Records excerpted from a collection
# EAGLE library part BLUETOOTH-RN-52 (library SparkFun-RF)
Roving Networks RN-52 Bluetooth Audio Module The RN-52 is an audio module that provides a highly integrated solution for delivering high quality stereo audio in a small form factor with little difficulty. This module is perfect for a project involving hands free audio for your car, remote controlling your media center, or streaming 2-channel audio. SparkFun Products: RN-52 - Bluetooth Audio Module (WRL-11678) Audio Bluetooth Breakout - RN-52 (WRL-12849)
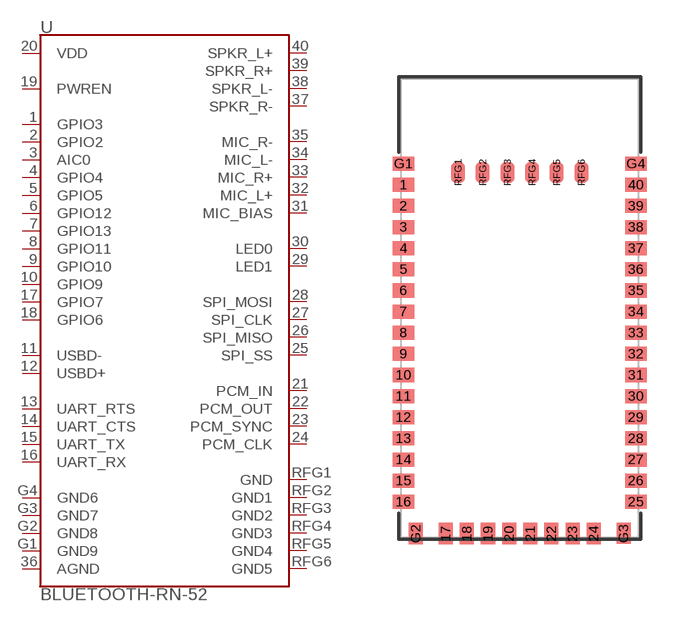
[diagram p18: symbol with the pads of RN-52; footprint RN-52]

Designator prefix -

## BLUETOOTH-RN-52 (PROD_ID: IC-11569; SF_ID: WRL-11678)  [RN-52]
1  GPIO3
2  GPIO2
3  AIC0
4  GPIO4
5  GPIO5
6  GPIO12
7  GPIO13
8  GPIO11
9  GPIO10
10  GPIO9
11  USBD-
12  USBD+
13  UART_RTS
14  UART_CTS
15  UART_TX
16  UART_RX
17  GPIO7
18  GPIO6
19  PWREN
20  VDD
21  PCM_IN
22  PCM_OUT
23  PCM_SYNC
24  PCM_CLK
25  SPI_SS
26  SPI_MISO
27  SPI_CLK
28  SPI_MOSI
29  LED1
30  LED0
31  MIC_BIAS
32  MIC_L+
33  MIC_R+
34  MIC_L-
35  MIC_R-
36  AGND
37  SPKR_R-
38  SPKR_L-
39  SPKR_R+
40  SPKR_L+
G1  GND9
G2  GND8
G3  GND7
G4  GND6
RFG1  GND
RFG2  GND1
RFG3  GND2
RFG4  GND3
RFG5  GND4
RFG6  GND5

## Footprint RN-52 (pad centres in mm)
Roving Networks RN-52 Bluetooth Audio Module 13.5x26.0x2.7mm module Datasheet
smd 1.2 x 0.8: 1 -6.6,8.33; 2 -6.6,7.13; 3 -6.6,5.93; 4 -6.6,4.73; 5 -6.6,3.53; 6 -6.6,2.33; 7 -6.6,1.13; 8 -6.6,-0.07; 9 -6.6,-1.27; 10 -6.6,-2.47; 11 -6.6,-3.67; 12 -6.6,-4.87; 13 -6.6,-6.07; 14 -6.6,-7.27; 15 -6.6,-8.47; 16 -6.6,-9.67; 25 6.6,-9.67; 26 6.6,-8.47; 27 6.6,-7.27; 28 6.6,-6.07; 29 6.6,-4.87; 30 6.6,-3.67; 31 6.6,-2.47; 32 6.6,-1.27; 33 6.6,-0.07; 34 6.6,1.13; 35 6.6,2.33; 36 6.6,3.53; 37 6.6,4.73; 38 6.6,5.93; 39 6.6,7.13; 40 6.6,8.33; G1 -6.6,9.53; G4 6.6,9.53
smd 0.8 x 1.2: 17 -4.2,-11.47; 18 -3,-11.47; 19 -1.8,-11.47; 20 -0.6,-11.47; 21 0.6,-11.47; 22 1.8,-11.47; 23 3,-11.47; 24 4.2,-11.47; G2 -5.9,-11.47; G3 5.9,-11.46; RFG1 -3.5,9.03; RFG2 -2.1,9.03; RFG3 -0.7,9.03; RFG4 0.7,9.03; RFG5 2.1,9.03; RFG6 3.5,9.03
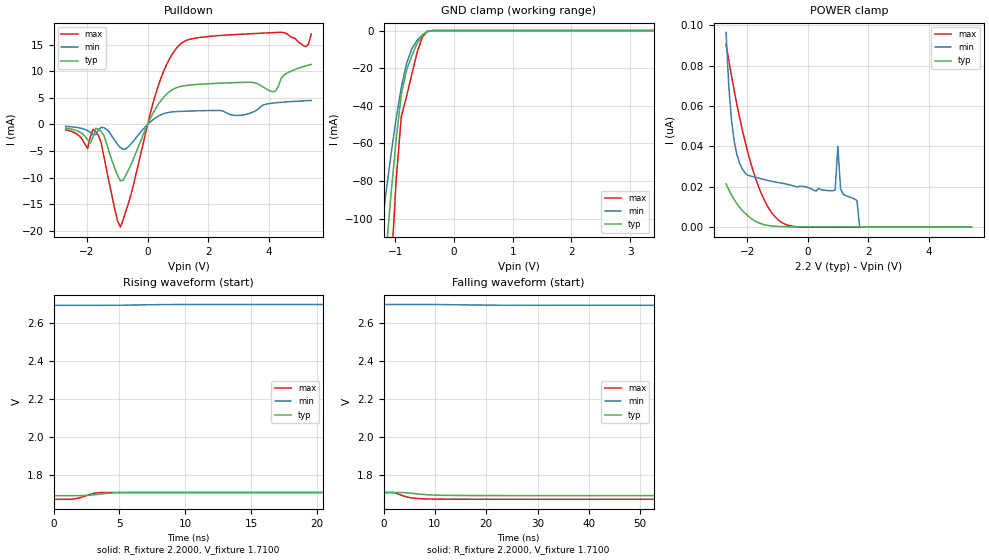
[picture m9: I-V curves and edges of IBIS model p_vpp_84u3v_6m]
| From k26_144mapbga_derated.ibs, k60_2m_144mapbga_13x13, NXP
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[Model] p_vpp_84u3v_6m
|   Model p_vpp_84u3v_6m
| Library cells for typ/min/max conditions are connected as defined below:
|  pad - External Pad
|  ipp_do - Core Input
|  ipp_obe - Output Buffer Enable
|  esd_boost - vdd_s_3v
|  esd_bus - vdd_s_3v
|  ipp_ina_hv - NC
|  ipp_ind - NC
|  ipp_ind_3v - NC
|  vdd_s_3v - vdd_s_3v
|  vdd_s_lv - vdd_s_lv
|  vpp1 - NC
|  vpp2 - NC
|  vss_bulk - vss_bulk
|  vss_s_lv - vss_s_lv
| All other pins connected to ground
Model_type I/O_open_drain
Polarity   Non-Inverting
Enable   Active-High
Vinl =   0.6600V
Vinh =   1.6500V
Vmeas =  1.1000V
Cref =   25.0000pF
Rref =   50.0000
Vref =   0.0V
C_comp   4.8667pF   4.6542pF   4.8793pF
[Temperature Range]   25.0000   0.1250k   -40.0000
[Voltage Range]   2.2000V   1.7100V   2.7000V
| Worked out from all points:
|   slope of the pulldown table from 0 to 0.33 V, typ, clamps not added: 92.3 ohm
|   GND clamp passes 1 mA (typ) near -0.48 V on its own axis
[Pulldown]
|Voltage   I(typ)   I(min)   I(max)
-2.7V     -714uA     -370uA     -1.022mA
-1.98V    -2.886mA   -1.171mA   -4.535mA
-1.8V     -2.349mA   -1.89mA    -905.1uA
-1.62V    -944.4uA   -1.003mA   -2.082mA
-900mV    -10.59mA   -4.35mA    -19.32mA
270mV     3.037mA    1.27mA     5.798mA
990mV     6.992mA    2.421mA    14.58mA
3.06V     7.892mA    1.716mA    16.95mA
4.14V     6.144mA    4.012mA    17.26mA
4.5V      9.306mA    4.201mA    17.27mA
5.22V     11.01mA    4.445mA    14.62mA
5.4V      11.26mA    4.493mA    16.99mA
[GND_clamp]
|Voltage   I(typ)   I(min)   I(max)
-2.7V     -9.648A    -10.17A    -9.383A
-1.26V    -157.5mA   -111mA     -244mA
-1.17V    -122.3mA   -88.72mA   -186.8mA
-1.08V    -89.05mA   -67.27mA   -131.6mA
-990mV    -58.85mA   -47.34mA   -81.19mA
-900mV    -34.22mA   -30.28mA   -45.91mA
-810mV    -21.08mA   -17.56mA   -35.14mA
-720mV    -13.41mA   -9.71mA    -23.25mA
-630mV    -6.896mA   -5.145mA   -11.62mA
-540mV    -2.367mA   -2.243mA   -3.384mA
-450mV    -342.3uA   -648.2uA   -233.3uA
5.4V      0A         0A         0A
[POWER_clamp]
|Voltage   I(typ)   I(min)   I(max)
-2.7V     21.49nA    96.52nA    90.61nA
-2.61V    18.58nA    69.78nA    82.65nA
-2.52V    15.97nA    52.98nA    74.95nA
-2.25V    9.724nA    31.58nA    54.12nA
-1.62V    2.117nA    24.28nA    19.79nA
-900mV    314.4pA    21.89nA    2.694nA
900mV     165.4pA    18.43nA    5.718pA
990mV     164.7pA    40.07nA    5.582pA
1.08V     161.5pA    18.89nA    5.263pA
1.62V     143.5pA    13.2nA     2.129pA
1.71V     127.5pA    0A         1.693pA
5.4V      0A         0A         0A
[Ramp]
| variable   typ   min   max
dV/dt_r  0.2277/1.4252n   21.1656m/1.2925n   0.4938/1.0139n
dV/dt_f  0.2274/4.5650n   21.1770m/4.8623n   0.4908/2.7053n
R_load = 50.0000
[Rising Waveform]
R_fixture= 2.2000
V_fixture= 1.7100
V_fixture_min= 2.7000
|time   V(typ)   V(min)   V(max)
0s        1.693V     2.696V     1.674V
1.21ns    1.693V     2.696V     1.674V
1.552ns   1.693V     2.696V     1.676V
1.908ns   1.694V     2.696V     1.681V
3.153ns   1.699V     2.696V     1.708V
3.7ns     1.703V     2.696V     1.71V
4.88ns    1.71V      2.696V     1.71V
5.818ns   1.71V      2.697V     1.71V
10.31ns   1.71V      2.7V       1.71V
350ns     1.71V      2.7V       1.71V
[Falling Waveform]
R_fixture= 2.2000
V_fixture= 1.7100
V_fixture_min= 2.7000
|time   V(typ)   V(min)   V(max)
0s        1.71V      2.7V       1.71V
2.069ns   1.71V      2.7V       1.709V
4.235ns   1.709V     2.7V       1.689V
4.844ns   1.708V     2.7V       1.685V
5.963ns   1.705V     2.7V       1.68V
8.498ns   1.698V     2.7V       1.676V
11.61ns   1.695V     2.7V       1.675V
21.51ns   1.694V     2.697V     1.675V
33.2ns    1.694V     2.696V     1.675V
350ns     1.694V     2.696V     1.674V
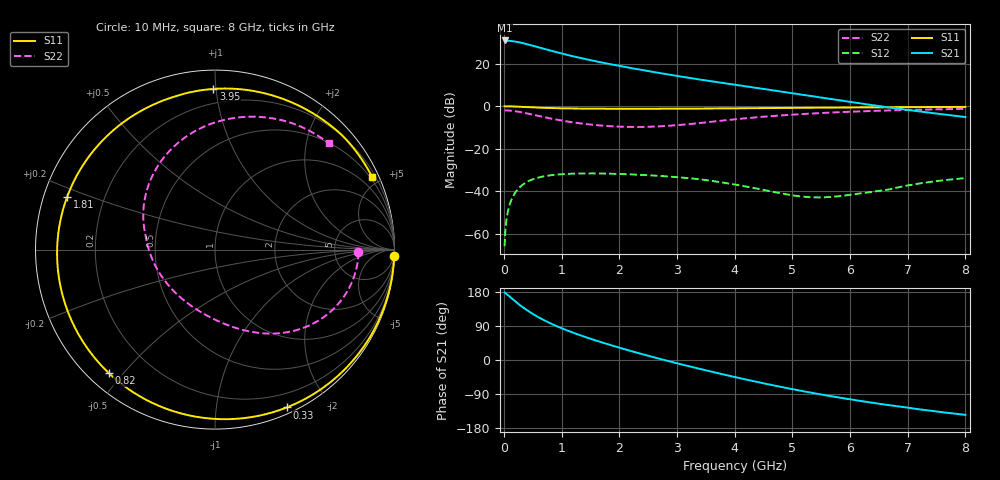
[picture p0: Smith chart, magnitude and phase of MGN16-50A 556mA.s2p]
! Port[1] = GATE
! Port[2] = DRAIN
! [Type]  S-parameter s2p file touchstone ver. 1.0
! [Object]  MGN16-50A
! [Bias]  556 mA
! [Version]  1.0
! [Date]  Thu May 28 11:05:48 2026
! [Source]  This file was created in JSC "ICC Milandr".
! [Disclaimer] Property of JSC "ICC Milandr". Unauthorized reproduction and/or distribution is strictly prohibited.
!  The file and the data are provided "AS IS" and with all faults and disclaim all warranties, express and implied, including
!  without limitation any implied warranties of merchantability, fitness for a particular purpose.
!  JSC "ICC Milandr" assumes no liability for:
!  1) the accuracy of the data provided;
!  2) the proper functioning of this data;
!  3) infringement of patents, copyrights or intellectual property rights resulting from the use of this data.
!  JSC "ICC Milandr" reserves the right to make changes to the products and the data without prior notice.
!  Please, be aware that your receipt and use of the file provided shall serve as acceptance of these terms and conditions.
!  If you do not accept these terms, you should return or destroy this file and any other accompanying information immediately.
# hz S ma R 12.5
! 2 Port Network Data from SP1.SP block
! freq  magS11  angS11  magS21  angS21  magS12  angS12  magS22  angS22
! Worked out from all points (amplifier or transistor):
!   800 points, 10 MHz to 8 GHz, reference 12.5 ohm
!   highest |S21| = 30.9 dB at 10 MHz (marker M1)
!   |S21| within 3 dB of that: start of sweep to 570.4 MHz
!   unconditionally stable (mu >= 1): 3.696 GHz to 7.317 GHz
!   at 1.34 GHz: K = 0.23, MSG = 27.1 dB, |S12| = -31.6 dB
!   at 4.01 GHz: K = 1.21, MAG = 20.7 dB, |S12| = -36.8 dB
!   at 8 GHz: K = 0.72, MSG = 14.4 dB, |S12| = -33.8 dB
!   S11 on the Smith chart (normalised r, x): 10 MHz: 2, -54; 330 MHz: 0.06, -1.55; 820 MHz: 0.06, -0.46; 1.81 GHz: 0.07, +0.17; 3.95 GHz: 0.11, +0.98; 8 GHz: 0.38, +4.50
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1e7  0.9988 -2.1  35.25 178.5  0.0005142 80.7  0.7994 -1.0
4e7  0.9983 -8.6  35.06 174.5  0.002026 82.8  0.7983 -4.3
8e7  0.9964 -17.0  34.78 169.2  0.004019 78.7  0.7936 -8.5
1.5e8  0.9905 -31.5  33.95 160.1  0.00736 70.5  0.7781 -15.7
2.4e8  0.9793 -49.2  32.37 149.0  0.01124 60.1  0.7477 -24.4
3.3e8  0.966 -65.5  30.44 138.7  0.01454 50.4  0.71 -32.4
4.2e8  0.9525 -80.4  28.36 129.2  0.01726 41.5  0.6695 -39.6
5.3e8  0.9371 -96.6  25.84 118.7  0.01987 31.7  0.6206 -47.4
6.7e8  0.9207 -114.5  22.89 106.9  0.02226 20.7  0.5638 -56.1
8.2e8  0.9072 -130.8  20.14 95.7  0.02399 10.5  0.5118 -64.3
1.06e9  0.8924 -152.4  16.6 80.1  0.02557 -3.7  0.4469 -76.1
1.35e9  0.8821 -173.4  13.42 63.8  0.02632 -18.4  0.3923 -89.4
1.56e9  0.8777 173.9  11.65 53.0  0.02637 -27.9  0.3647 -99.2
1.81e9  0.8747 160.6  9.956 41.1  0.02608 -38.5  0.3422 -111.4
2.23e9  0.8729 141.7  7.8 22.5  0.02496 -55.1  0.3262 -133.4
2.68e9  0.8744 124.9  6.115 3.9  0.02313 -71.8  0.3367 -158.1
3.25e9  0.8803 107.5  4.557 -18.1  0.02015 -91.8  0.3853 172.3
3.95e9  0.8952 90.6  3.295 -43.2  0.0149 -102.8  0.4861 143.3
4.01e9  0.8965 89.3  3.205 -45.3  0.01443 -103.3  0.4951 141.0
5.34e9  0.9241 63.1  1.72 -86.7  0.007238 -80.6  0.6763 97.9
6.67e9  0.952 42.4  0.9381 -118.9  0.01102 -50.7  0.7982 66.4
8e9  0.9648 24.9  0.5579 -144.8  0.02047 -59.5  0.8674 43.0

* REQUIRED ACTION: The required answer is a single number: how many lines above hold the string "without".

* EXERCISE RESULT: 2